2. Separation of the potassium chlorine.

I produce a chlorine-free and at the same time sodium-free potassium carbonate by using its poor solubility in caustic potash solution for technical cleaning. ^s

The potash eyes produced in the Leblanc process contain a large amount of potassium hydroxide, and it is only necessary to evaporate the alkalis produced from the melts to a density of 1.47 to 1.56 volume weight and to allow them to cool in a clarified state. Pure potassium carbonate then crystallizes out of the formula K ₁ CO ₃ , 2 H ₁ O in large crystals. The crystals can easily be freed from the mother liquor and, after dissolving in water, leave the impurities of iron sulphide, etc., mechanically mixed in, undissolved. When calcined, the solution gives a potash which is only 0.1 to 0.2 pct. Contains potassium chlorine and is completely free of sodium. By repeating this process respectively. by crystallizing out a purer caustic potash solution, the production of a completely pure potassium carbonate is possible.

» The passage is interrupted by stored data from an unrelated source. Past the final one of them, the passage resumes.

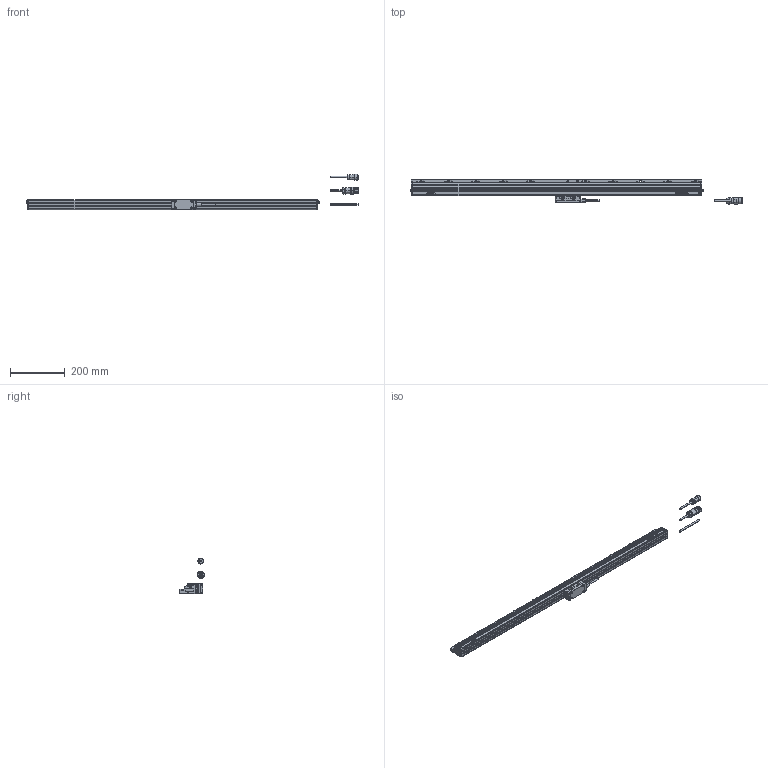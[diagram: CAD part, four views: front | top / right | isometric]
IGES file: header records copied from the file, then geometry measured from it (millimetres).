
Start section: Elysium IGES Interface
Global section: file name: 65H\\Utsu119s\kiyo_cad\data\3D\AT402E\HP掲載用_201708\AT402E-940.igs; native system: Creo Elements/Direct Modeling 18.1B  29-Sep-2012; preprocessor: Creo Element/Direct IGES_3D V2.2; author: Unknown; organization: Unknown; date: 20180221.115705; units: millimetre
Bounding box: 1209.63 x 90 x 130.25 mm (x, y, z)
Volume: 1815924.2 mm3; surface area: 244031.9 mm2
Topology: 5 solids, 5 shells, 1227 faces, 3540 edges, 2395 vertices
Faces by surface type: bspline 1227

3. Manufacture of potassium hydroxide.

If the crude alkalis containing caustic potash, which remain after the greatest amounts of carbonate have crystallized out in the manner just described, are evaporated to a strength of 1.5 or 1.54 volume weight, almost all the carbonate precipitates in the boiling point . From the remaining lye of caustic potash and potassium sulphide, the compound KOH, H ₁ O, crystallizes on cooling, in large, leafy crystals. of significant

Purity, if] you, after cooling down 40 to 6p ° C. separates the not yet solidified liquid from the crystals. The chlorine and sulfur compounds remain in the mother liquor, which a caustic potash with less Contains water as the crystals, and which afterwards further to an impure caustic potash or is processed on potash, while the remaining crystals by heating to Melting are brought and liquid get into the vessels intended for dispatch to to freeze in it. If an even greater purity of these crystals is required, then a second crystallization carried out in the same way by melting them again will. Any sodium content also remains in the mother liquor every time. For practical operation it is advantageous to use the in sulfur compounds contained in the solution by means of chlorinated lime, potassium nitrate, air injection or the like, because then the crystals can be more easily produced pure and white.

If from the well-known poor solubility of soda in hot potash solutions easy it can be concluded that with further concentration of the latter the complete Separation of the soda is possible, this method has not yet been used been. On the other hand, the fact is that potassium carbonate and hydroxide hold in caustic potash Alkali is sparingly soluble, was not known and for the pure preparation of these potassium compounds has not yet been used.

Claims (3)

- Patent claims: i. The complete precipitation of the soda from a hot potash solution during concentration of 1.6 vol. wt., by using the previously customary low degrees of concentration not all of the sodium can be removed. 2. The separation of the hydrate of potassium carbonate from the sulphurous alkalis Leblanc's raw potash for separation from the chlorides that remain in solution, by the crystallized potash which has hitherto been found in trade a) is represented by dissolving very highly purified potash; b) never to get free of soda and seldom free of chlorine in this way (this product always contains at least 1 potassium chloride per 100 potassium carbonate), because from carbonic acid solutions a double salt of potassium and sodium carbonate attaches itself and itself also form only small crystals, which are difficult to separate from the chlorine-containing mother liquor, while in Caustic lye this hydrate is sparingly soluble and therefore forms large crystals; c) requires a much more cumbersome representation. 3. The pure preparation of the potassium hydroxide from raw liquors by crystallization at 40 up to 60 ° C, in this way the not insignificant amount of the chlorides that result from saturated hydrate solutions do not separate at all, to keep away from the crystallizing hydroxide.